You don't need a marking pen. 

But if you are placing an order with Mann Lake everything will be 11% off March 5-8. If you can get three packages installed, built up well, without swarming, and up to winter weight with low mite counts and minimal robbing you will be ahead of the game. My suggestion would be to leave making increase to swarm capture your first year. You aren't really going to know how strong of a colony you have honestly. Having three will help give you reference though. You have to learn the flows for your area as well. 
I went into last year with the attitude that if I didn't take honey I wouldn't need to feed in the winter. Wronnnnnggggggg. 
Be prepared to feed a lot your first fall and also to be amazed at how much honey your bees (particularly your italians) will blow through in any late summer dearth you may have.
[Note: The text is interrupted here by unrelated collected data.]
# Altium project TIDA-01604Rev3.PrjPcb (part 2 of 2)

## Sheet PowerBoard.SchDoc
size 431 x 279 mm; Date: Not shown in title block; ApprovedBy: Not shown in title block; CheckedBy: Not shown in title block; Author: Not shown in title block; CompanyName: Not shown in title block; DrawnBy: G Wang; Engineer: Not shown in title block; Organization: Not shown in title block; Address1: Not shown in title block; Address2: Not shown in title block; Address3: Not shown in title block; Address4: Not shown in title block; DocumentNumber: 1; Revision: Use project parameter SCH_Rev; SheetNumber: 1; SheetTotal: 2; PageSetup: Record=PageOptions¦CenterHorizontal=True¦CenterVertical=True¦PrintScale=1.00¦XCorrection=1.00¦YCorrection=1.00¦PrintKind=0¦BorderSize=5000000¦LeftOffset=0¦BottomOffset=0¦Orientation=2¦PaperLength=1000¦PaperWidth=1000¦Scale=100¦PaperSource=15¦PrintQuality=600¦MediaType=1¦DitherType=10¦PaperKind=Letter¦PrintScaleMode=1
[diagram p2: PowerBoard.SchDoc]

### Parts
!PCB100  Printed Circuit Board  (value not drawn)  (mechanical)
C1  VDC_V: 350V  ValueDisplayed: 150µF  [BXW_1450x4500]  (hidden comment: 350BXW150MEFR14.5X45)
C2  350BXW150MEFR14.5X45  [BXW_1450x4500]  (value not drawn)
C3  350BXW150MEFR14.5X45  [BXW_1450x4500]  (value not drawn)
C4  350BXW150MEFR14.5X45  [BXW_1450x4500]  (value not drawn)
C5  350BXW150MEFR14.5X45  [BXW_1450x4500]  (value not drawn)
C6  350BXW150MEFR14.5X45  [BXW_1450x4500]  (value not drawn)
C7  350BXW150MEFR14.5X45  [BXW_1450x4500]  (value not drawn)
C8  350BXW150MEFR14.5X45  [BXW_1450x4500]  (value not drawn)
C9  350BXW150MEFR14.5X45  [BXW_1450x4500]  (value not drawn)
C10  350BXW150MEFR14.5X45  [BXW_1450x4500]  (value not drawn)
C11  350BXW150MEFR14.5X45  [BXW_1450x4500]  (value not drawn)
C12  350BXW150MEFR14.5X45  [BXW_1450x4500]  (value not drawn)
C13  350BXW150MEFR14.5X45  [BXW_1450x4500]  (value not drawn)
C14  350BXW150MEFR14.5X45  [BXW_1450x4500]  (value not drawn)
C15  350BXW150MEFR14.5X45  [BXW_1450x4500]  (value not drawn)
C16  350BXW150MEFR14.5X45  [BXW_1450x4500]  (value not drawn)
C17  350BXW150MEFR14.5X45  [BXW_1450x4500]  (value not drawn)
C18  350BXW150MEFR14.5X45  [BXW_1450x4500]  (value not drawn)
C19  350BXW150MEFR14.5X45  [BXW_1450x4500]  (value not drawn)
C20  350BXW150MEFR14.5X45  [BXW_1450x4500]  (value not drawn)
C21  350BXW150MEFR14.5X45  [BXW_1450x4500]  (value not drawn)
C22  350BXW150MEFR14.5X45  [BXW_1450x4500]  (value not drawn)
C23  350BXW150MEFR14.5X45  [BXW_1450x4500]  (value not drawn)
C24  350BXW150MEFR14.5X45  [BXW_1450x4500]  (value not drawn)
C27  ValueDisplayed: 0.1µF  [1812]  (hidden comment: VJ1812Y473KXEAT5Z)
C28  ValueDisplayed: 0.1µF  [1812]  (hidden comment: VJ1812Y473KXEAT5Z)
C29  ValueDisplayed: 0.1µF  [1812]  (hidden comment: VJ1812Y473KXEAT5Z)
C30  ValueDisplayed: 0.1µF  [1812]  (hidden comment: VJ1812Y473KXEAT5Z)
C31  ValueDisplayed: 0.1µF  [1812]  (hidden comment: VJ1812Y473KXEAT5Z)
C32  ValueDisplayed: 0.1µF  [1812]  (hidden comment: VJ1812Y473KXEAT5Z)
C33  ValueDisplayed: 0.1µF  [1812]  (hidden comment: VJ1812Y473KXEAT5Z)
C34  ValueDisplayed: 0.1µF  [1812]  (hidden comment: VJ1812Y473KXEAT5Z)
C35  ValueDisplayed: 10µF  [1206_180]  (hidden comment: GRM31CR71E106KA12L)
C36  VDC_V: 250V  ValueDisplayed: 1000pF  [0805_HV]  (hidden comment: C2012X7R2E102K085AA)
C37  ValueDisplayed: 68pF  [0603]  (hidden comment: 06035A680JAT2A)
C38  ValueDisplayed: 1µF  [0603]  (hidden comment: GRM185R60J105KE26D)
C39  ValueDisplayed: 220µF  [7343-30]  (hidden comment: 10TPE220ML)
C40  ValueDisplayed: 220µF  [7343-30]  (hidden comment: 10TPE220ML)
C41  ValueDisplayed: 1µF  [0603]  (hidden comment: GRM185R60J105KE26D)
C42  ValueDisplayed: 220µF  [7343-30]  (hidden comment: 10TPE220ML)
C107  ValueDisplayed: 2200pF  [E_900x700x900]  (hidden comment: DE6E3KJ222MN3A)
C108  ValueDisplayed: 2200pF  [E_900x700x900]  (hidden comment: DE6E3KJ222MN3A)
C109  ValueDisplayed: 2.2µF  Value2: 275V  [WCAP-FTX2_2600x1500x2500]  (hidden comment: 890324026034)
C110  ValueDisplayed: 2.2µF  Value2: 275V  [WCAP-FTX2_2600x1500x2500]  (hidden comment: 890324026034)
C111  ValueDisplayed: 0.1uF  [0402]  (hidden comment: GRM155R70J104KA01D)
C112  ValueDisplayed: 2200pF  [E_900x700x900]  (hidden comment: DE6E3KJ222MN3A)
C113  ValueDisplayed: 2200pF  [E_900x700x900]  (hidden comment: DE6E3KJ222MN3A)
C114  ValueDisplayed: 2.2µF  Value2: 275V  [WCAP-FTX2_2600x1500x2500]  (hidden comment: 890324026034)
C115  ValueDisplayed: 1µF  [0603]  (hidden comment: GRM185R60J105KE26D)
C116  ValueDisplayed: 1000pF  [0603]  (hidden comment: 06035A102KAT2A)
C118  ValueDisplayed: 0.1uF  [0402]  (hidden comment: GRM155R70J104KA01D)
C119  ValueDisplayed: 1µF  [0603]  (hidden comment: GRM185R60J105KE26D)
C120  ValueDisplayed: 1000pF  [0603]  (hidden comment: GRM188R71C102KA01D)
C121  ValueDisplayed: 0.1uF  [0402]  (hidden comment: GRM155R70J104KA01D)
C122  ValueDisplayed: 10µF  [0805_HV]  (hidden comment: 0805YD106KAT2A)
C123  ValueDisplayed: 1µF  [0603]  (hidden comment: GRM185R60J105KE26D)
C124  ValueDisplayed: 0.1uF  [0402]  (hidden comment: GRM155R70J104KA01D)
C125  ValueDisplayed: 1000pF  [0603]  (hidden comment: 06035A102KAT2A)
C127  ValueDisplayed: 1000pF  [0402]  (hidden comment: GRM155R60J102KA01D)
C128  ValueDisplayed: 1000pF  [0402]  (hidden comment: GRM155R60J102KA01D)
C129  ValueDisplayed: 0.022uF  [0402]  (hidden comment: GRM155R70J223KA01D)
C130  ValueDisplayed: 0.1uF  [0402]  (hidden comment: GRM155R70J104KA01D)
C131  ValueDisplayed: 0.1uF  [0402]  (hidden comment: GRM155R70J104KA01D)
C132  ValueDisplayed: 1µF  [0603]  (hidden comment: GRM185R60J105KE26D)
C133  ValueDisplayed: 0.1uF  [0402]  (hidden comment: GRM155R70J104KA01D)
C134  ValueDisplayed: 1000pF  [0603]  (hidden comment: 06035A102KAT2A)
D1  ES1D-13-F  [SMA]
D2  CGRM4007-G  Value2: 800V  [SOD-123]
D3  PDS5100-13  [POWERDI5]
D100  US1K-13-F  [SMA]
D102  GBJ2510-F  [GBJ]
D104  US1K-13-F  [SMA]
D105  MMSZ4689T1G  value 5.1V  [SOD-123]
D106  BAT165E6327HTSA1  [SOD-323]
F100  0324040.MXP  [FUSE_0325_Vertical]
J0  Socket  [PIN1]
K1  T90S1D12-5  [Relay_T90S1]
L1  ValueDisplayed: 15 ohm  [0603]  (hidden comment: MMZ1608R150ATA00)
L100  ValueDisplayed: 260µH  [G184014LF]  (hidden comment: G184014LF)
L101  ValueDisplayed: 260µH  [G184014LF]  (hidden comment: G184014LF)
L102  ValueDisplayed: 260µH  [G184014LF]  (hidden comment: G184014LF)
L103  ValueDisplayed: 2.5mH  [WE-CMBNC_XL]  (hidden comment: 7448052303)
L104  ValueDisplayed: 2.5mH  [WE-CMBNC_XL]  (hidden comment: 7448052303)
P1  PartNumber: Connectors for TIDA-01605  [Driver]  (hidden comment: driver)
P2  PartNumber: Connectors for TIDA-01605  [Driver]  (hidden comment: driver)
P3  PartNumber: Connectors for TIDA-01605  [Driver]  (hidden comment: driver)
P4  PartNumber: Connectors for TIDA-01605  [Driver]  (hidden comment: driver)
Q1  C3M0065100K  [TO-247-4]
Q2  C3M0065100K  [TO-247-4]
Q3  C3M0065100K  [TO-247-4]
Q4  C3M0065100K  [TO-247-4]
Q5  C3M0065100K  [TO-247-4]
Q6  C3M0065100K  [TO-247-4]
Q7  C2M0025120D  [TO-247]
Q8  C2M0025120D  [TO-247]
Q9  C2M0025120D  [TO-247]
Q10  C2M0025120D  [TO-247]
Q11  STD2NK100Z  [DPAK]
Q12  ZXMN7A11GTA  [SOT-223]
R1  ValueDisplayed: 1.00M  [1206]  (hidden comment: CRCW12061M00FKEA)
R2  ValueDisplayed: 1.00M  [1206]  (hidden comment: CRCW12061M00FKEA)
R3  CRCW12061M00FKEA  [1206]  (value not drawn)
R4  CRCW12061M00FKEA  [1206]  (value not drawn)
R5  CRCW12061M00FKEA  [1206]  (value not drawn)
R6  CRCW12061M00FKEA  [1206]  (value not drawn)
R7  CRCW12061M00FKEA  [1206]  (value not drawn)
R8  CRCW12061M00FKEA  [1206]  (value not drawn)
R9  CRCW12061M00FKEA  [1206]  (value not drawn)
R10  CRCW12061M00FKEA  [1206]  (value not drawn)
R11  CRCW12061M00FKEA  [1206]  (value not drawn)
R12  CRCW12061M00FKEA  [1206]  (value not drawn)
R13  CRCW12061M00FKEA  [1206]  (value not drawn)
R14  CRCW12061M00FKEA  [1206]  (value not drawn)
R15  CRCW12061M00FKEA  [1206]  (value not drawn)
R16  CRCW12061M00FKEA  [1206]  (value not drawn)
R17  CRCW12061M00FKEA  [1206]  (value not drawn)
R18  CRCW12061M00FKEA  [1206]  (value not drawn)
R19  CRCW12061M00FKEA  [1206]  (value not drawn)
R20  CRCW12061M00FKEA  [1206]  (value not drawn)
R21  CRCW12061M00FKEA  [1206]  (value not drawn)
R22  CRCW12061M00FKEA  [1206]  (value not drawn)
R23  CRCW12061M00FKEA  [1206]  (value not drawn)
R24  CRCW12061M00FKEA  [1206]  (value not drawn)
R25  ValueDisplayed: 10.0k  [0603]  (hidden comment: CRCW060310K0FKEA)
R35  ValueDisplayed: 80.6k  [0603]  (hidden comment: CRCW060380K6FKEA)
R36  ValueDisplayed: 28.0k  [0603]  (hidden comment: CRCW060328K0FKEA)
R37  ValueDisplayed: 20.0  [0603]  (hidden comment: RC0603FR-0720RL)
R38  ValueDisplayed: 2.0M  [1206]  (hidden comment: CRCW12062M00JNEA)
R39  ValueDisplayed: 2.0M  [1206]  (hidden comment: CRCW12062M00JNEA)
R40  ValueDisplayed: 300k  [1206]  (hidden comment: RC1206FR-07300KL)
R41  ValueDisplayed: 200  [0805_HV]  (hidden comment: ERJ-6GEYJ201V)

I was floored. I was mixing up 10 gallon batches every few days for quite awhile getting them up to winter weight. Buy sugar when it's cheap. 

Be more worried about year one than year two or you could easily find ourself needing 10 packages to get to your goal in 2016.


----------



## Oldtimer (Jul 4, 2010)

Slightly different tack, if 3 hives are kept healthy and well fed for a year, the hard part would be to have them *not* turned into 7 hives the following season.

So keep them healthy and well fed.

For you, your hives are starting from packages, so will likely be commercial hard working but non mite resistant stock, that will certainly require mite treatment. Failure to do so will mean unhealthy bees and stop you achieving your goal, regardless whatever else you do.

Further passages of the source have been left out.